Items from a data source
BEGIN

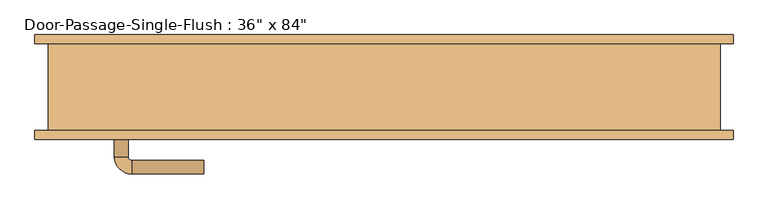
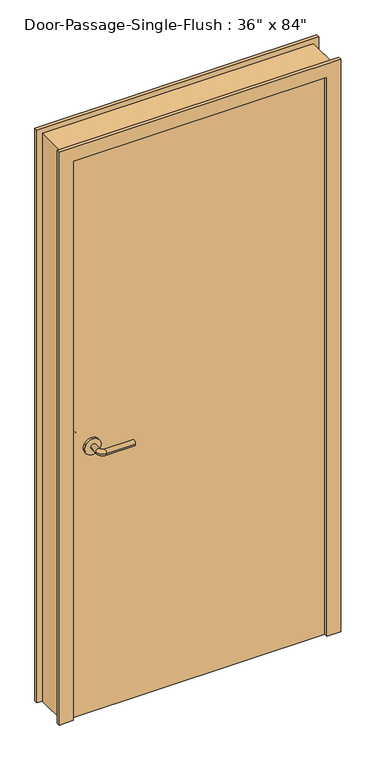
"""IFC4 building model written with IfcOpenShell, lengths in millimetres: door geometry."""

from ifc_helpers import new_model, si_unit, point, frame, frame_2d, origin, origin_with_axes, place, context, project, spatial, polyline, circle_curve, ellipse_curve, trimmed, segment, composite_curve, outline, extrude, faceted_brep, source, transform, mapped, element, save
from ifc_brep_helpers import plane_surface, cylinder_surface, revolved_surface, advanced_brep


def door_efefef0e(model_context):
    return source(origin(), model_context, "Body", "SolidModel", [
        advanced_brep(
        [(-392.190625, -17.4, 1016.0), (-372.190625, -17.4, 1016.0), (-392.190625, 12.6, 1016.0), (-372.190625, 12.6, 1016.0), (-367.190625, 17.6, 1016.0), (-367.190625, 37.6, 1016.0), (-262.190625, 37.6, 1016.0), (-262.190625, 17.6, 1016.0)],
        [
            (0, 1, circle_curve(frame((-382.190625, -17.4, 1016.0), z_axis=(0.0, -1.0, 0.0), x_axis=(1.0, 0.0, 0.0)), 10.0)),
            (1, 0, circle_curve(frame((-382.190625, -17.4, 1016.0), z_axis=(0.0, -1.0, 0.0), x_axis=(1.0, 0.0, 0.0)), 10.0)),
            (0, 2),
            (2, 3, circle_curve(frame((-382.190625, 12.6, 1016.0), z_axis=(0.0, -1.0, 0.0), x_axis=(1.0, 0.0, 0.0)), 10.0)),
            (3, 1),
            (3, 2, circle_curve(frame((-382.190625, 12.6, 1016.0), z_axis=(0.0, -1.0, 0.0), x_axis=(1.0, 0.0, 0.0)), 10.0)),
            (4, 3, circle_curve(frame((-367.190625, 12.6, 1016.0), z_axis=(0.0, 0.0, 1.0), x_axis=(-1.0, 0.0, 0.0)), 5.0)),
            (2, 5, circle_curve(frame((-367.190625, 12.6, 1016.0), z_axis=(0.0, 0.0, -1.0), x_axis=(-1.0, 0.0, 0.0)), 25.0)),
            (5, 4, circle_curve(frame((-367.190625, 27.6, 1016.0), z_axis=(-1.0, 0.0, 0.0), x_axis=(0.0, -1.0, 0.0)), 10.0)),
            (4, 5, circle_curve(frame((-367.190625, 27.6, 1016.0), z_axis=(-1.0, 0.0, 0.0), x_axis=(0.0, -1.0, 0.0)), 10.0)),
            (6, 7, circle_curve(frame((-262.190625, 27.6, 1016.0), z_axis=(1.0, 0.0, 0.0), x_axis=(0.0, -1.0, 0.0)), 10.0)),
            (7, 6, circle_curve(frame((-262.190625, 27.6, 1016.0), z_axis=(1.0, 0.0, 0.0), x_axis=(0.0, -1.0, 0.0)), 10.0)),
            (5, 6),
            (7, 4),
        ],
        [
            plane_surface(frame((-382.190625, -17.4, 1016.0), z_axis=(0.0, -1.0, 0.0), x_axis=(0.0, 0.0, 1.0))),
            cylinder_surface(frame((-382.190625, -17.4, 1016.0), z_axis=(0.0, -1.0, 0.0), x_axis=(1.0, 0.0, 0.0)), 10.0),
            revolved_surface(trimmed(ellipse_curve(frame((-382.190625, 12.6, 1016.0), z_axis=(0.0, -1.0, 0.0), x_axis=(1.0, 0.0, 0.0)), 10.0, 10.0), [point((-392.190625, 12.6, 1016.0))], [point((-372.190625, 12.6, 1016.0))], True, "CARTESIAN"), (-367.190625, 12.6, 1016.0), (0.0, 0.0, -1.0)),
            revolved_surface(trimmed(ellipse_curve(frame((-382.190625, 12.6, 1016.0), z_axis=(0.0, -1.0, 0.0), x_axis=(1.0, 0.0, 0.0)), 10.0, 10.0), [point((-372.190625, 12.6, 1016.0))], [point((-392.190625, 12.6, 1016.0))], True, "CARTESIAN"), (-367.190625, 12.6, 1016.0), (0.0, 0.0, -1.0)),
            plane_surface(frame((-262.190625, 27.6, 1016.0), z_axis=(1.0, 0.0, 0.0), x_axis=(0.0, 0.0, 1.0))),
            cylinder_surface(frame((-367.190625, 27.6, 1016.0), z_axis=(-1.0, 0.0, 0.0), x_axis=(0.0, -1.0, 0.0)), 10.0),
        ],
        [
            (0, [[1, 2]]),
            (1, [[-1, 3, 4, 5]]),
            (1, [[-2, -5, 6, -3]]),
            (2, [[7, -4, 8, 9]]),
            (3, [[-8, -6, -7, 10]]),
            (4, [[11, 12]]),
            (5, [[-9, 13, -12, 14]]),
            (5, [[-10, -14, -11, -13]]),
        ],
    ),
        extrude(outline(composite_curve([segment(trimmed(circle_curve(frame_2d((1016.0, -384.690625)), 30.0), [point((1016.0, -414.690625))], [point((1016.0, -354.690625))], False, "CARTESIAN"), True, "CONTINUOUS"), segment(trimmed(circle_curve(frame_2d((1016.0, -384.690625)), 30.0), [point((1016.0, -354.690625))], [point((1016.0, -414.690625))], False, "CARTESIAN"), True, "CONTINUOUS")], self_intersect=False)), frame((0.0, -25.4, 0.0), z_axis=(0.0, 1.0, 0.0), x_axis=(0.0, 0.0, 1.0)), (0.0, 0.0, 1.0), 8.0),
        advanced_brep(
        [(-392.190625, -77.85, 1016.0), (-372.190625, -77.85, 1016.0), (-372.190625, -107.85, 1016.0), (-392.190625, -107.85, 1016.0), (-367.190625, -112.85, 1016.0), (-367.190625, -132.85, 1016.0), (-262.190625, -132.85, 1016.0), (-262.190625, -112.85, 1016.0)],
        [
            (0, 1, circle_curve(frame((-382.190625, -77.85, 1016.0), z_axis=(0.0, 1.0, 0.0), x_axis=(1.0, 0.0, 0.0)), 10.0)),
            (1, 0, circle_curve(frame((-382.190625, -77.85, 1016.0), z_axis=(0.0, 1.0, 0.0), x_axis=(1.0, 0.0, 0.0)), 10.0)),
            (1, 2),
            (2, 3, circle_curve(frame((-382.190625, -107.85, 1016.0), z_axis=(0.0, 1.0, 0.0), x_axis=(1.0, 0.0, 0.0)), 10.0)),
            (3, 0),
            (3, 2, circle_curve(frame((-382.190625, -107.85, 1016.0), z_axis=(0.0, 1.0, 0.0), x_axis=(1.0, 0.0, 0.0)), 10.0)),
            (4, 5, circle_curve(frame((-367.190625, -122.85, 1016.0), z_axis=(-1.0, 0.0, 0.0), x_axis=(0.0, 1.0, 0.0)), 10.0)),
            (5, 3, circle_curve(frame((-367.190625, -107.85, 1016.0), z_axis=(0.0, 0.0, -1.0), x_axis=(-1.0, 0.0, 0.0)), 25.0)),
            (2, 4, circle_curve(frame((-367.190625, -107.85, 1016.0), z_axis=(0.0, 0.0, 1.0), x_axis=(-1.0, 0.0, 0.0)), 5.0)),
            (5, 4, circle_curve(frame((-367.190625, -122.85, 1016.0), z_axis=(-1.0, 0.0, 0.0), x_axis=(0.0, 1.0, 0.0)), 10.0)),
            (6, 7, circle_curve(frame((-262.190625, -122.85, 1016.0), z_axis=(1.0, 0.0, 0.0), x_axis=(0.0, 1.0, 0.0)), 10.0)),
            (7, 6, circle_curve(frame((-262.190625, -122.85, 1016.0), z_axis=(1.0, 0.0, 0.0), x_axis=(0.0, 1.0, 0.0)), 10.0)),
            (4, 7),
            (6, 5),
        ],
        [
            plane_surface(frame((-382.190625, -77.85, 1016.0), z_axis=(0.0, 1.0, 0.0), x_axis=(0.0, 0.0, 1.0))),
            cylinder_surface(frame((-382.190625, -77.85, 1016.0), z_axis=(0.0, 1.0, 0.0), x_axis=(1.0, 0.0, 0.0)), 10.0),
            revolved_surface(trimmed(ellipse_curve(frame((-382.190625, -107.85, 1016.0), z_axis=(0.0, -1.0, 0.0), x_axis=(1.0, 0.0, 0.0)), 10.0, 10.0), [point((-392.190625, -107.85, 1016.0))], [point((-372.190625, -107.85, 1016.0))], True, "CARTESIAN"), (-367.190625, -107.85, 1016.0), (0.0, 0.0, -1.0)),
            revolved_surface(trimmed(ellipse_curve(frame((-382.190625, -107.85, 1016.0), z_axis=(0.0, -1.0, 0.0), x_axis=(1.0, 0.0, 0.0)), 10.0, 10.0), [point((-372.190625, -107.85, 1016.0))], [point((-392.190625, -107.85, 1016.0))], True, "CARTESIAN"), (-367.190625, -107.85, 1016.0), (0.0, 0.0, -1.0)),
            plane_surface(frame((-262.190625, -122.85, 1016.0), z_axis=(1.0, 0.0, 0.0), x_axis=(0.0, 0.0, 1.0))),
            cylinder_surface(frame((-367.190625, -122.85, 1016.0), z_axis=(-1.0, 0.0, 0.0), x_axis=(0.0, 1.0, 0.0)), 10.0),
        ],
        [
            (0, [[1, 2]]),
            (1, [[3, 4, 5, -2]]),
            (1, [[-5, 6, -3, -1]]),
            (2, [[7, 8, -4, 9]]),
            (3, [[10, -9, -6, -8]]),
            (4, [[11, 12]]),
            (5, [[13, -11, 14, -7]]),
            (5, [[-14, -12, -13, -10]]),
        ],
    ),
        extrude(outline(composite_curve([segment(trimmed(circle_curve(frame_2d((1016.0, -384.690625)), 30.0), [point((1016.0, -414.690625))], [point((1016.0, -354.690625))], False, "CARTESIAN"), True, "CONTINUOUS"), segment(trimmed(circle_curve(frame_2d((1016.0, -384.690625)), 30.0), [point((1016.0, -354.690625))], [point((1016.0, -414.690625))], False, "CARTESIAN"), True, "CONTINUOUS")], self_intersect=False)), frame((0.0, -77.85, 0.0), z_axis=(0.0, 1.0, 0.0), x_axis=(0.0, 0.0, 1.0)), (0.0, 0.0, 1.0), 8.0),
        faceted_brep([(457.2, -82.55, 0.0), (457.2, -20.6375, 0.0), (441.325, -20.6375, 0.0), (441.325, 17.4625, 0.0), (457.2, 17.4625, 0.0), (457.2, 69.85, 0.0), (508.0, 69.85, 0.0), (508.0, 57.15, 0.0), (488.95, 57.15, 0.0), (488.95, -69.85, 0.0), (508.0, -69.85, 0.0), (508.0, -82.55, 0.0), (508.0, -82.55, 2184.4), (-508.0, -82.55, 2184.4), (-508.0, -82.55, 0.0), (-457.2, -82.55, 0.0), (-457.2, -82.55, 2133.6), (457.2, -82.55, 2133.6), (508.0, -69.85, 2184.4), (488.95, -69.85, 2165.35), (-488.95, -69.85, 2165.35), (-488.95, -69.85, 0.0), (-508.0, -69.85, 0.0), (-508.0, -69.85, 2184.4), (488.95, 57.15, 2165.35), (508.0, 57.15, 2184.4), (-508.0, 57.15, 2184.4), (-508.0, 57.15, 0.0), (-488.95, 57.15, 0.0), (-488.95, 57.15, 2165.35), (508.0, 69.85, 2184.4), (457.2, 69.85, 2133.6), (-457.2, 69.85, 2133.6), (-457.2, 69.85, 0.0), (-508.0, 69.85, 0.0), (-508.0, 69.85, 2184.4), (457.2, 17.4625, 2133.6), (441.325, 17.4625, 2117.725), (-441.325, 17.4625, 2117.725), (-441.325, 17.4625, 0.0), (-457.2, 17.4625, 0.0), (-457.2, 17.4625, 2133.6), (441.325, -20.6375, 2117.725), (457.2, -20.6375, 2133.6), (-457.2, -20.6375, 2133.6), (-457.2, -20.6375, 0.0), (-441.325, -20.6375, 0.0), (-441.325, -20.6375, 2117.725)], [[[0, 1, 2, 3, 4, 5, 6, 7, 8, 9, 10, 11]], [[11, 12, 13, 14, 15, 16, 17, 0]], [[10, 18, 12, 11]], [[9, 19, 20, 21, 22, 23, 18, 10]], [[8, 24, 19, 9]], [[7, 25, 26, 27, 28, 29, 24, 8]], [[6, 30, 25, 7]], [[5, 31, 32, 33, 34, 35, 30, 6]], [[4, 36, 31, 5]], [[3, 37, 38, 39, 40, 41, 36, 4]], [[2, 42, 37, 3]], [[1, 43, 44, 45, 46, 47, 42, 2]], [[0, 17, 43, 1]], [[18, 23, 13, 12]], [[24, 29, 20, 19]], [[30, 35, 26, 25]], [[36, 41, 32, 31]], [[42, 47, 38, 37]], [[17, 16, 44, 43]], [[15, 14, 22, 21, 28, 27, 34, 33, 40, 39, 46, 45]], [[23, 22, 14, 13]], [[29, 28, 21, 20]], [[35, 34, 27, 26]], [[41, 40, 33, 32]], [[47, 46, 39, 38]], [[16, 15, 45, 44]]]),
        extrude(outline(polyline([(457.2, -25.4), (457.2, -69.85), (-457.2, -69.85), (-457.2, -25.4), (457.2, -25.4)])), origin_with_axes(), (0.0, 0.0, 1.0), 2133.6),
    ])


if __name__ == "__main__":
    model = new_model("IFC4")
    model_context = context("Model", 3, world=origin())
    ifc_project = project(units=[si_unit("LENGTHUNIT", "METRE", prefix="MILLI")], contexts=[model_context])
    site = spatial("IfcSite", under=ifc_project)
    building = spatial("IfcBuilding", under=site)
    placement = place(None, origin())
    door_shape = door_efefef0e(model_context)
    element("IfcDoor", 1, ObjectType="Door-Passage-Single-Flush : 36\" x 84\"", at=placement, inside=building, context=model_context, shape_type="MappedRepresentation", body=[
        mapped(door_shape, transform((0.0, 0.0, 0.0), x_axis=(1.0, 0.0, 0.0), y_axis=(0.0, 1.0, 0.0), z_axis=(0.0, 0.0, 1.0))),
    ])
    save(model, "model.ifc")

# Revit data of these elements
# Type "Door-Passage-Single-Flush : 36\" x 84\""
#   Type Mark = "19"
#   Fire Rating = "--"
#   Assembly Code = "B2030200"
#   Analytic Construction = "Wooden"
#   Thickness = 0' - 1 3/4"
#   Thermal Resistance (R) = 2.5876 (h·ft²·°F)/BTU
#   Swing Angle [instance default] = 90.00°
#   Strike Height = 3' - 4"
#   Rough Width [instance default] = 3' - 4"
#   Rough Height [instance default] = 7' - 4"
#   MF Opening Height [instance default] = 0' - 4"
#   MF Opening Width [instance default] = 0' - 4"
#   Inset Calculate [instance default] = 0' - 4"
#   Masonry Inset [instance default] = 0' - 1"
#   Height = 7' - 0"
#   Width = 3' - 0"
#   Heat Transfer Coefficient (U) = 0.3865 BTU/(h·ft²·°F)
#   Masonry Frame Depth = 0' - 5 3/4"
#   Masonry Frame [instance default] = yes
#   Function = 1
#   Dry Wall Frame [instance default] = no
#   Panel Material = Wood - Birch
#   Frame Material = Metal - Paint Finish - Grey
#   Door Handle Material = Aluminum
#   Visual Light Transmittance = 0
#   Solar Heat Gain Coefficient = 0
#   Wall Closure = (empty or 0)
# Element 1 (IfcDoor, "Door-Passage-Single-Flush : 36\" x 84\"")
#   Rough Width = 3' - 2 1/2"
#   Rough Height = 7' - 1 1/4"
#   MF Opening Height = 0' - 1 1/4"
#   MF Opening Width = 0' - 2 1/2"
#   Inset Calculate = 0' - 3"
#   Masonry Frame = no
#   Dry Wall Frame = yes
#   Materials on its faces: "Metal - Paint Finish - Grey", "Aluminum", "Wood - Birch"
# Materials
#   "Wood - Birch": class "Wood", colour RGB 166 116 52, transparency 0, Cost = 0
#   "Metal - Paint Finish - Grey": class "Paint", colour RGB 104 104 104, transparency 0, Cost = 0
#   "Aluminum": class "Metal", colour RGB 247 247 247, transparency 0, Description = "Aluminum 6061", Cost = 0

END

**Action item**.
Each line above with the word "Width" must be returned.

**Written solution**.
#   Rough Width [instance default] = 3' - 4"
#   MF Opening Width [instance default] = 0' - 4"
#   Width = 3' - 0"
#   Rough Width = 3' - 2 1/2"
#   MF Opening Width = 0' - 2 1/2"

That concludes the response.